* _Requirement_
Where in the records does the word "import" occur? Copy each line in which it does.

* _The records_
BEGIN
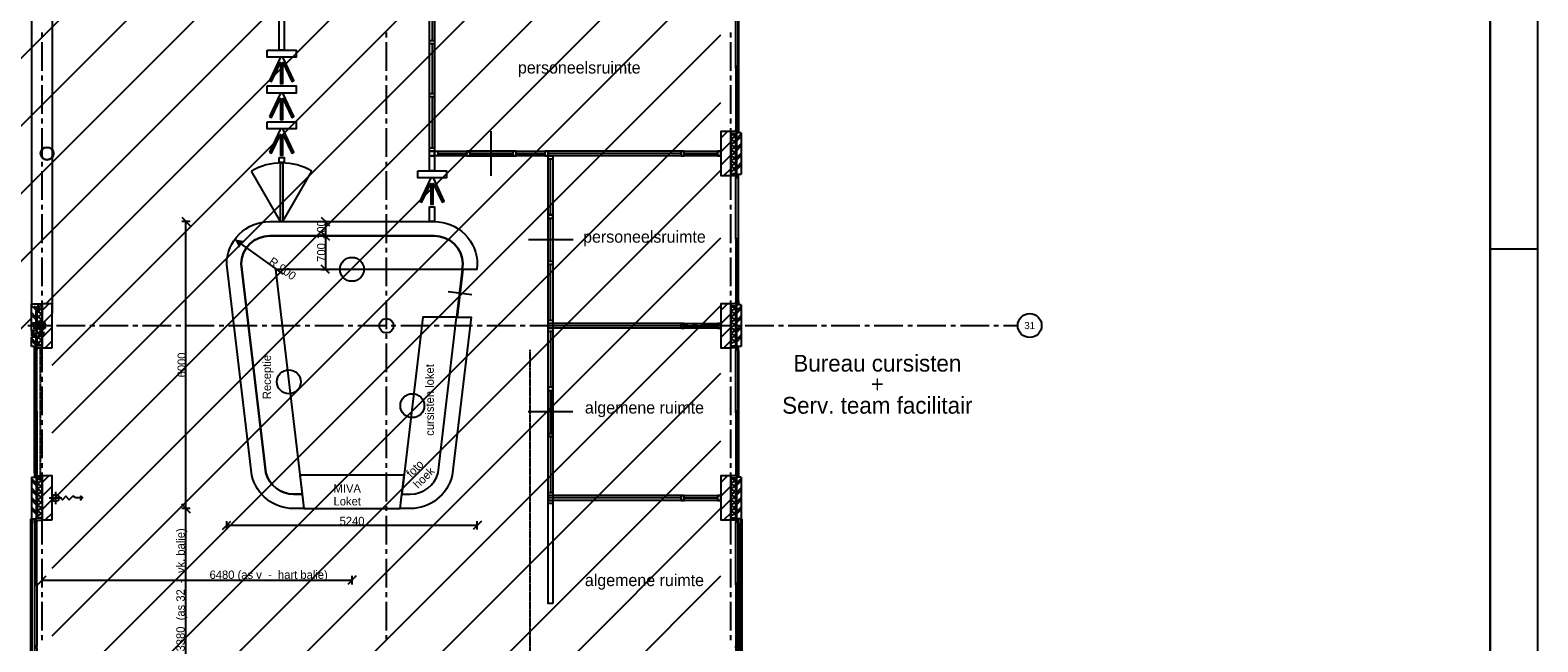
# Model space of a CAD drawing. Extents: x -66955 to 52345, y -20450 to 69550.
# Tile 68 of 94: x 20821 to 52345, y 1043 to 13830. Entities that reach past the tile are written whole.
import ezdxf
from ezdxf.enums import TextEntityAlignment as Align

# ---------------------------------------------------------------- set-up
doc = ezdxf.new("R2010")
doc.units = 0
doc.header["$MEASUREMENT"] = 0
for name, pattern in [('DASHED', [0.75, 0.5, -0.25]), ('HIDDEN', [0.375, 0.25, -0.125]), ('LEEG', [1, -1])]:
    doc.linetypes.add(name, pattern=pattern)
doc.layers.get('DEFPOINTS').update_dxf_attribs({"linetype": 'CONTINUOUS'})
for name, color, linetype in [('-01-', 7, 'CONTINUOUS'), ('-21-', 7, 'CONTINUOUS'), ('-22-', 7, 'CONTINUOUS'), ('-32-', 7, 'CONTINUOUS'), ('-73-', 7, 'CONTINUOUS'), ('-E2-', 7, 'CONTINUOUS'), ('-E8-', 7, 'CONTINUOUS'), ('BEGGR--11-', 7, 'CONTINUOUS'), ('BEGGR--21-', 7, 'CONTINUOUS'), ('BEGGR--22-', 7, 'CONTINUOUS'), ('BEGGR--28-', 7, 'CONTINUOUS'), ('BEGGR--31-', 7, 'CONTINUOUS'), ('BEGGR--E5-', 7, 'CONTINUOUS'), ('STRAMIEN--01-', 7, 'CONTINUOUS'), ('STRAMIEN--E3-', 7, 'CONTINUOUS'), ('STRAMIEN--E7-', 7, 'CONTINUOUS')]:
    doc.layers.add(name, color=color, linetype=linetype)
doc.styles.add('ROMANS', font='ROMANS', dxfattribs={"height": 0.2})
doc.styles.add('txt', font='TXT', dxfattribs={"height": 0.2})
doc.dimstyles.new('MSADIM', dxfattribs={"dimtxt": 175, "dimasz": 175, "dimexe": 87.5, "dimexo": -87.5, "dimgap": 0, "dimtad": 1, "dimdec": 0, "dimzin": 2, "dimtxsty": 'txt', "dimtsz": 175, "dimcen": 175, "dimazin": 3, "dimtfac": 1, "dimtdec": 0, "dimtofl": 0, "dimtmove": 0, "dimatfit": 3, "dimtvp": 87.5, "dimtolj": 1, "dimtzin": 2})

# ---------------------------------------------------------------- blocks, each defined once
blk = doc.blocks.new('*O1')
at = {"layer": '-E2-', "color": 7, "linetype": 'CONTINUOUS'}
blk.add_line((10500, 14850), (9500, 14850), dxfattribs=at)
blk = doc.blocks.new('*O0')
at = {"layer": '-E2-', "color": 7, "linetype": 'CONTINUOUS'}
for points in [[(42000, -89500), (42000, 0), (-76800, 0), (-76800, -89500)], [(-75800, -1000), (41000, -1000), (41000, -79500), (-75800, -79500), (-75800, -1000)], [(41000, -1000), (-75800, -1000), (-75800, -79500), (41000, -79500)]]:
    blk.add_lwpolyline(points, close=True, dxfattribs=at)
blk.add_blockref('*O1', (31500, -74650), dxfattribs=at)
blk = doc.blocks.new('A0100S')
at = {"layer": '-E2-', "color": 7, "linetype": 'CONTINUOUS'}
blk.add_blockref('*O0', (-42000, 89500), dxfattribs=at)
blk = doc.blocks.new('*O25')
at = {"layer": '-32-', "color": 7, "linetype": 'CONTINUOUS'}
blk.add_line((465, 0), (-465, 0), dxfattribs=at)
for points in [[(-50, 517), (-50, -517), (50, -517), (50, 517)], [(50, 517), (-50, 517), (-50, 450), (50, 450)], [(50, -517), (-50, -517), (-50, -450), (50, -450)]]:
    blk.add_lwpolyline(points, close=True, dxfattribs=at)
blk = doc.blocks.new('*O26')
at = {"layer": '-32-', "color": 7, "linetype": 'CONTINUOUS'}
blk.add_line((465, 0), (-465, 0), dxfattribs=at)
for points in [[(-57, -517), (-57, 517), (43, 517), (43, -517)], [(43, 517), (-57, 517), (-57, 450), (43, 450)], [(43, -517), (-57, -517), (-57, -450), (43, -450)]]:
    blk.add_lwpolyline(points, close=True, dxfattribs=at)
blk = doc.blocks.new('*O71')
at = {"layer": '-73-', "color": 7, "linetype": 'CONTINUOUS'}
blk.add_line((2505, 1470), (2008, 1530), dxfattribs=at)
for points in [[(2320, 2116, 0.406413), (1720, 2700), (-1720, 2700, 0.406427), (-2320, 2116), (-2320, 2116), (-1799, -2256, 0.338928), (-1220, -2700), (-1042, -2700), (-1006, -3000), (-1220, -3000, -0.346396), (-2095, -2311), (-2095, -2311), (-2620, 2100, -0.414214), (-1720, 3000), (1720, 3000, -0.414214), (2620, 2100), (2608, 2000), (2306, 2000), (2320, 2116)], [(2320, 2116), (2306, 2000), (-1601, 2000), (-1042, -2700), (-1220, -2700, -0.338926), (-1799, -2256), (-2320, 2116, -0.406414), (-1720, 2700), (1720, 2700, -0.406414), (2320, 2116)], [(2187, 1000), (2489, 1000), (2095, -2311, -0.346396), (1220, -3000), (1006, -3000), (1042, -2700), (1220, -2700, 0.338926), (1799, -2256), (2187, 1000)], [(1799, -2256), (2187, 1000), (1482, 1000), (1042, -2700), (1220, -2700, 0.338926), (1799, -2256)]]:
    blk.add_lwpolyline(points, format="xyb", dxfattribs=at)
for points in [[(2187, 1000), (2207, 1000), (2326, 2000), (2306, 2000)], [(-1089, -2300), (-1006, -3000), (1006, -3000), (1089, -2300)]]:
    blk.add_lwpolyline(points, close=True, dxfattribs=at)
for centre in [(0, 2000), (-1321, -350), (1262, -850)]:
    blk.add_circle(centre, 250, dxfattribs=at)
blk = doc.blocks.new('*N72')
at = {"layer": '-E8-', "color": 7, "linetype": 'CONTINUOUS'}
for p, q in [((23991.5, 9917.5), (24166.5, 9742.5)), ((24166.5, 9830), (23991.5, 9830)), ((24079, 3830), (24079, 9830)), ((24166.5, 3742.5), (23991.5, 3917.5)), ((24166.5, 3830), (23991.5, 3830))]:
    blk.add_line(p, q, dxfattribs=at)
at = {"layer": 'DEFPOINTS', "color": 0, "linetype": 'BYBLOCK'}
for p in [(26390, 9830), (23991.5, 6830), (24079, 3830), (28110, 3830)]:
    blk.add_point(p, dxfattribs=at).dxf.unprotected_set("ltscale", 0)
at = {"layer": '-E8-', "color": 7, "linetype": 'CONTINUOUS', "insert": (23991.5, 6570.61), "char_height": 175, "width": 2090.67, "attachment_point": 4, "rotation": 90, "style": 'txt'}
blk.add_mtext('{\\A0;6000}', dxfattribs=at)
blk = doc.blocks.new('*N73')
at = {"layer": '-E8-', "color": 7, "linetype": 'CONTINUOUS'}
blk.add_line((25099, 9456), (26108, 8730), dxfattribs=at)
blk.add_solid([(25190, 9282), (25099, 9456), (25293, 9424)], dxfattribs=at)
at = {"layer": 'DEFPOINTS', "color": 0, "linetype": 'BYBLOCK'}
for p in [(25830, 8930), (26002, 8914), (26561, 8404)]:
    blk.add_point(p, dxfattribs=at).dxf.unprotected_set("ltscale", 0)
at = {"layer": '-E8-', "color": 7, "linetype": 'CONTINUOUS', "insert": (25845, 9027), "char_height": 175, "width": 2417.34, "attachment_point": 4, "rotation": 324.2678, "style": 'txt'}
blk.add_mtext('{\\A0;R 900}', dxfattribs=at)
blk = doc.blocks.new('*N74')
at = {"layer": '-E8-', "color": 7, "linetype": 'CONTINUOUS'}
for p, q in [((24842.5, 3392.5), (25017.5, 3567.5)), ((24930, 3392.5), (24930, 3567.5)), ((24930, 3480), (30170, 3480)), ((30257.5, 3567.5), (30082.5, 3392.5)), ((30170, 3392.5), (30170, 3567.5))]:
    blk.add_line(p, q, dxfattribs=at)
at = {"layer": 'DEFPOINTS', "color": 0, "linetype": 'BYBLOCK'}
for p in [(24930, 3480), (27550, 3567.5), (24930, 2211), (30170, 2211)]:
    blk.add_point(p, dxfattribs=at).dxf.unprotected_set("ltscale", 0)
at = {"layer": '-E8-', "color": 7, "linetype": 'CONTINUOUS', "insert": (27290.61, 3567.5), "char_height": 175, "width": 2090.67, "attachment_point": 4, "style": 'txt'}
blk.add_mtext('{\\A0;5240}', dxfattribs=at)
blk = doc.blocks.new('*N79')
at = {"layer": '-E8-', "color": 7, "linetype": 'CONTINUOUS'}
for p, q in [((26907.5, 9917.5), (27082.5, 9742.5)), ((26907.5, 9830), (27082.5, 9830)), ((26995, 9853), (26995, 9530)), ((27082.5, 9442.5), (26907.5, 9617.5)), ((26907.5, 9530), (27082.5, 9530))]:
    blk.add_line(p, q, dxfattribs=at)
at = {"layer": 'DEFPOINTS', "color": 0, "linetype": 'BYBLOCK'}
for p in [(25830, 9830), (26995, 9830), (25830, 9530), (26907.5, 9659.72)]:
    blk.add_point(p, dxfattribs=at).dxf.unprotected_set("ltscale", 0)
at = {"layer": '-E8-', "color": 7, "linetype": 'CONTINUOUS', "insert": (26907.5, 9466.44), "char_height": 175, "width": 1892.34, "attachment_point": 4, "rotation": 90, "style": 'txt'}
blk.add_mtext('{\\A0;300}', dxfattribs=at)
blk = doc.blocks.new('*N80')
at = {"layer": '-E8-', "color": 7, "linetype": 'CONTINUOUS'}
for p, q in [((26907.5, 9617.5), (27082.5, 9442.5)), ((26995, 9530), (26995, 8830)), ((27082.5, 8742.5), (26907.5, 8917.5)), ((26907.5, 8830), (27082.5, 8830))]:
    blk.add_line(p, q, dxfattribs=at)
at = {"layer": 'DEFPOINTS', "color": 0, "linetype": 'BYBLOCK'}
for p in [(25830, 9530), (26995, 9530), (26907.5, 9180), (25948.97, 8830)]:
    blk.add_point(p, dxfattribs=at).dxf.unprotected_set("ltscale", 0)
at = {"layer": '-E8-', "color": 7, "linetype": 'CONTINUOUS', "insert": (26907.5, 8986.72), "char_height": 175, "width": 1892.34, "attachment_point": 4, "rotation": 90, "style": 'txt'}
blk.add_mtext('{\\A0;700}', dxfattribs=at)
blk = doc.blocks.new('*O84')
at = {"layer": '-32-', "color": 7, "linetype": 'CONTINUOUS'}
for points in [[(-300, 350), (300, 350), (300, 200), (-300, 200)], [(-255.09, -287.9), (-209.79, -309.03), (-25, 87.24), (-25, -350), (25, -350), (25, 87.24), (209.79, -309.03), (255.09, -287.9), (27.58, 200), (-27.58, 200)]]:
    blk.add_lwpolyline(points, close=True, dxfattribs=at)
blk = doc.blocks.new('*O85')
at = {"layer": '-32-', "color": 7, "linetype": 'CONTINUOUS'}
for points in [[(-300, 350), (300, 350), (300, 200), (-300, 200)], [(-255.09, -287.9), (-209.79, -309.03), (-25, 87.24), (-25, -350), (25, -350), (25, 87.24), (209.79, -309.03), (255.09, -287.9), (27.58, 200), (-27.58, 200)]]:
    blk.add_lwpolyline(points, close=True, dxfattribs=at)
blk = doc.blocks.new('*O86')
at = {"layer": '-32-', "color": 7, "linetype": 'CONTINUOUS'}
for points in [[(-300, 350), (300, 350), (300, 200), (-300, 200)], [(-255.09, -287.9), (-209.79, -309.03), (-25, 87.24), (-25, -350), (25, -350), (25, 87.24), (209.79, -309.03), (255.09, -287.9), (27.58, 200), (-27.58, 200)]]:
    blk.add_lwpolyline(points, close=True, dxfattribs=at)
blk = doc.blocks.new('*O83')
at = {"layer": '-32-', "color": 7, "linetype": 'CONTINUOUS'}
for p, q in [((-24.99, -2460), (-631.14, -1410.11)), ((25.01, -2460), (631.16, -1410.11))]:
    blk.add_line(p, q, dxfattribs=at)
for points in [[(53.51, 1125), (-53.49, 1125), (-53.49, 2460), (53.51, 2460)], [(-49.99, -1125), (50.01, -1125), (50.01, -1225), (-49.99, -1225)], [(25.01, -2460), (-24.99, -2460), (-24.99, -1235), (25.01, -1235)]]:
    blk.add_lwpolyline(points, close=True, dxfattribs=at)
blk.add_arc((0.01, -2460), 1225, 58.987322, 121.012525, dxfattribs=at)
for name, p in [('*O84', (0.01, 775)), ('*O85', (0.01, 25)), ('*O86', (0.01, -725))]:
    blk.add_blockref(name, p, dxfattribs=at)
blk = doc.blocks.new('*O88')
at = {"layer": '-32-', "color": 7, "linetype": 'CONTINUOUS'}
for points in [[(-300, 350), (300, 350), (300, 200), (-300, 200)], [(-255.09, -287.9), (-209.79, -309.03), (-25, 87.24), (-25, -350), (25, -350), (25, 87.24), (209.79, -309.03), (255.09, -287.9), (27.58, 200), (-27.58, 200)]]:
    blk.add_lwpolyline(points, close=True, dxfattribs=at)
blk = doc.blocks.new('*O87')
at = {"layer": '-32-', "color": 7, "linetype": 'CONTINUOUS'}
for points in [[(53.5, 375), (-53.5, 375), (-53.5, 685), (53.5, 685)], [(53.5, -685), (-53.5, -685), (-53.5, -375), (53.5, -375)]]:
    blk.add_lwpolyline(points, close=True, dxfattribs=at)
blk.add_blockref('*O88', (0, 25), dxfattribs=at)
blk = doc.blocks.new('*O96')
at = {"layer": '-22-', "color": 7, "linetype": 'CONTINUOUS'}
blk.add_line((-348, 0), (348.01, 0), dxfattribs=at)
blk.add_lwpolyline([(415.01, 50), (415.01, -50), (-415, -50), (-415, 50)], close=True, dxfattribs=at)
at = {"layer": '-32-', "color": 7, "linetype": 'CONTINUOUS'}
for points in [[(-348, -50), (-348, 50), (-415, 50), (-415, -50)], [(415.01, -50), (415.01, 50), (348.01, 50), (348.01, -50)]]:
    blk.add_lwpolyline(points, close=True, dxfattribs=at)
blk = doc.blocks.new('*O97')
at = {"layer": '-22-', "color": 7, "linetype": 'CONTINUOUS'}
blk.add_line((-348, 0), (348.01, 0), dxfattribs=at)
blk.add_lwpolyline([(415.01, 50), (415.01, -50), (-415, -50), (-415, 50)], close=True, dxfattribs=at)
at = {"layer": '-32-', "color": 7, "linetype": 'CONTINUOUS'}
END
* _Output below_
import ezdxf
from ezdxf.enums import TextEntityAlignment as Align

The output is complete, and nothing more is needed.